Impotence is often a reaction to stress in daily life or sexual demands. Also fear of rejection, fear of intimacy, guilt, or negative associations to a partner can also play roles in impotence.
Treating All Sexual Dysfunctions
It is important to go and see a physician and psychologist/clinician to help determine if a man has a sexual dysfunction. A physician would help to determine that the male sexual response cycle is not inhibited by any physical factors. Sometime hormone replacement therapy may be necessary if his testosterone levels are less than normal. If there is a blood flow problem, then some vascular treatments may be done. Also, other physical factors could affect male sexual performance. While biology does play a role in impotency, the psychological factors are also extremely important in treating it.
A sexologist, sex therapist, or psychologist would help determine the psychological factors that may be aiding in the sexual dysfunction. The evaluation would include looking at his past and current sexual practices, as well as providing educational tasks to assist in treating the dysfunction. All male sexual dysfunctions benefit from a clinicians education of the male sexual response cycle, environmental stimulation, as well as promoting self-knowledge regarding sexual practices.
Psychological Treatment – Impotence
The first goal in working to treat impotence is to reduce or eliminate the anxiety causing the impotence. It is also goal to help facilitate an erection and eventually a successful sexual intercourse experience.

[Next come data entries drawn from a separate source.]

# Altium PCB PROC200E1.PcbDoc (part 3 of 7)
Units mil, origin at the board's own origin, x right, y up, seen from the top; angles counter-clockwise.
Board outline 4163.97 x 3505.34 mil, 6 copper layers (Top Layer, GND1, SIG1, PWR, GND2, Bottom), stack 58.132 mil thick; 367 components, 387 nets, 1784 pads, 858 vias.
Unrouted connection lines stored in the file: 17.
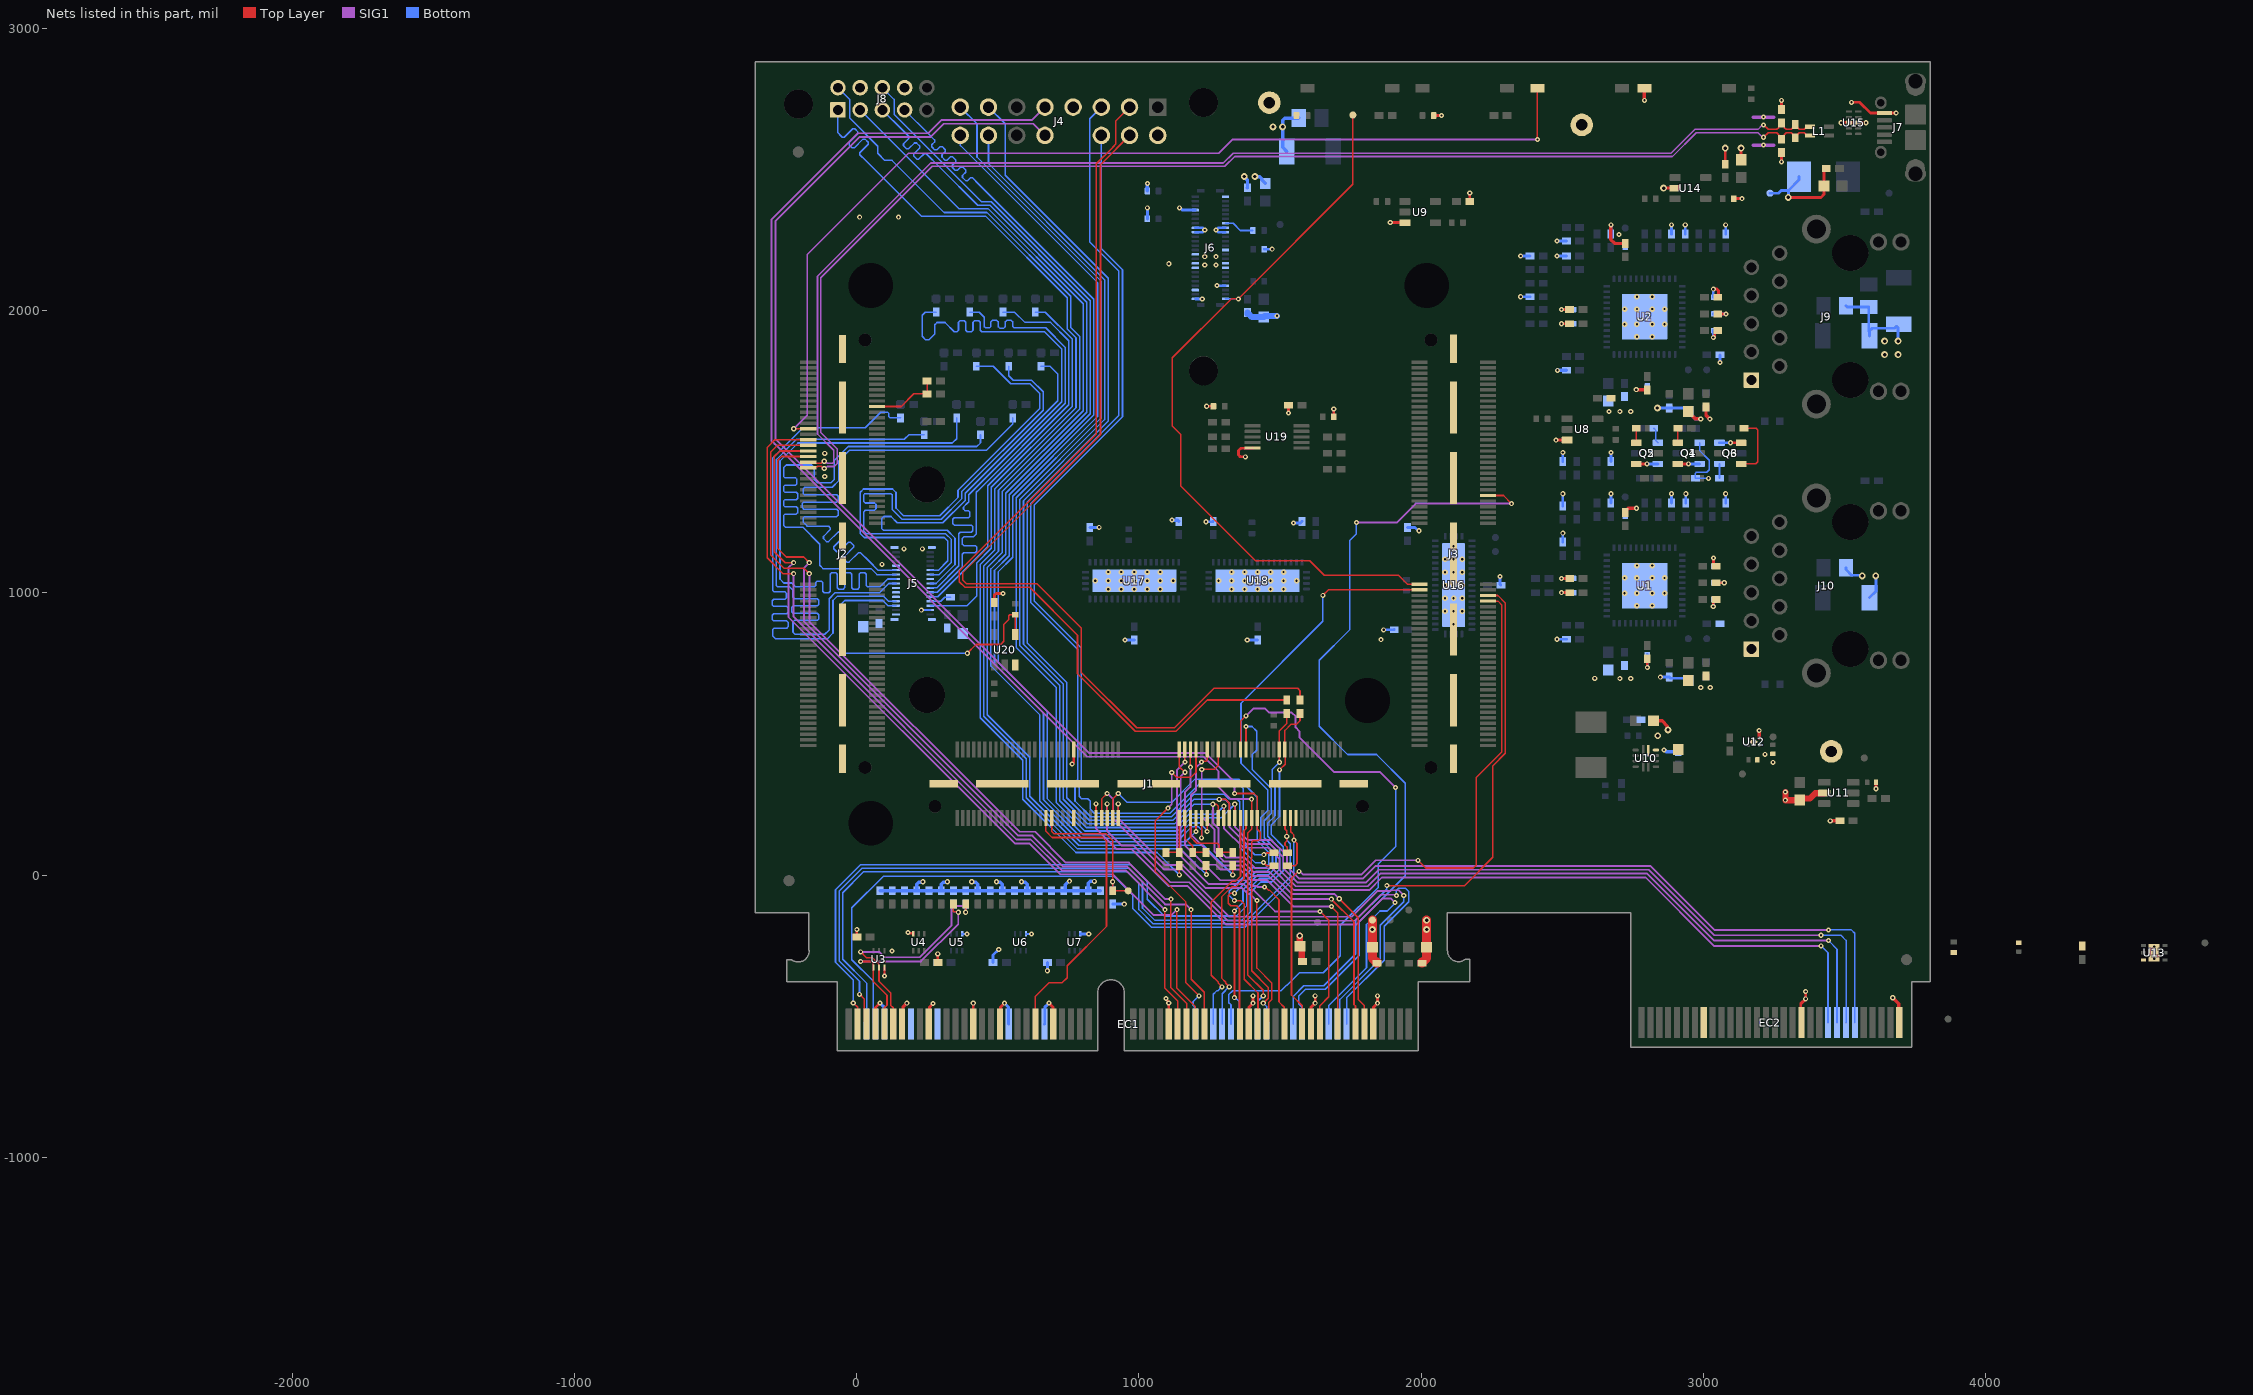
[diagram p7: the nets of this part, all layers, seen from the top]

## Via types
v1: diameter 18, hole 8, Top Layer to Bottom, tented both sides, 729 vias
v2: diameter 19.68, hole 7.87, Top Layer to Bottom, 77 vias
v3: diameter 24, hole 12, Top Layer to Bottom, tented both sides, 52 vias

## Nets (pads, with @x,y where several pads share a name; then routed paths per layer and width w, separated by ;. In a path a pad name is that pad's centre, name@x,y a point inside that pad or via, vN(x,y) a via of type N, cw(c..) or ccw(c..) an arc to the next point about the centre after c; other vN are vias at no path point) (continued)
AM26x_EQEP0_B: EC1.102 J1.69 | length 1926.2
  Top Layer w5.66: J1.69@847.97,201.89 v1(847.97,252.36)
  SIG1 w6.66: v1(847.97,252.36) 847.97,164.6 920.86,91.71 974.35,91.71 1105.1,-39.05 1172.37,-39.05 1308.99,-175.68 1770.43,-175.68 1862.69,-83.41 1893.44,-83.41 1907.51,-97.49 v1(1907.51,-97.56)
  Bottom w5.66: EC1.102@1672.7,-528.32 1672.7,-462.38 1806.39,-328.69 1806.39,-175.06 1854.07,-127.37 1880.23,-127.37 1907.51,-100.09 v1(1907.51,-97.56)
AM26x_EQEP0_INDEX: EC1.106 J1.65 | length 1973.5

Determining the ability of erections usually begins with some at-home work that includes erotic touch, stimulation, and non-pressured sexual play to help create situations that encourage erections. These acts are to be done without intercourse or ejaculation. It is just the goal to enhance erotic pleasure and encourage a different source of sexual relationship between the couple. By not having intercourse or ejaculation it removes the pressure to perform.
It may take awhile, but the non-performance pleasuring usually leads to erections and boosts his self-confidence. Erections may often be temporary and can actually benefit the next step in treatment. It is important to show that erections can come and go during sex play. To do this the couple, especially the partner, is encouraged to stimulate the penis to erection, and then stop until flaccid and repeat process. This is often recommended without sexual intercourse allowed. It is also important that the counseling helps to distract the negative and obsessive thoughts regarding the potential impotence.
Many times men have separated themselves from his erotic feelings while he worries over his partners. He may be so focused on her and what she thinks that he actually enabling his own impotence. Counseling will often encourage a bit of selfishness. To temporarily focus solely on his needs. To find sexual enjoyment and to find a way to liberate his sexual desires. This is only a temporary concept and should be encouraged to turn the attention on his partner after he has achieved orgasm, through caressing or masturbating her afterwards. The first successful intercourse is still just the beginning of treatment.
Men can easily have impotency relapses, but they are encouraged to continue with what they learned. It is a process until he is fully confident in his ability to maintain erections. Talking about his stress, fears, and starting a new open communication regarding sexual play is always present in the counseling process.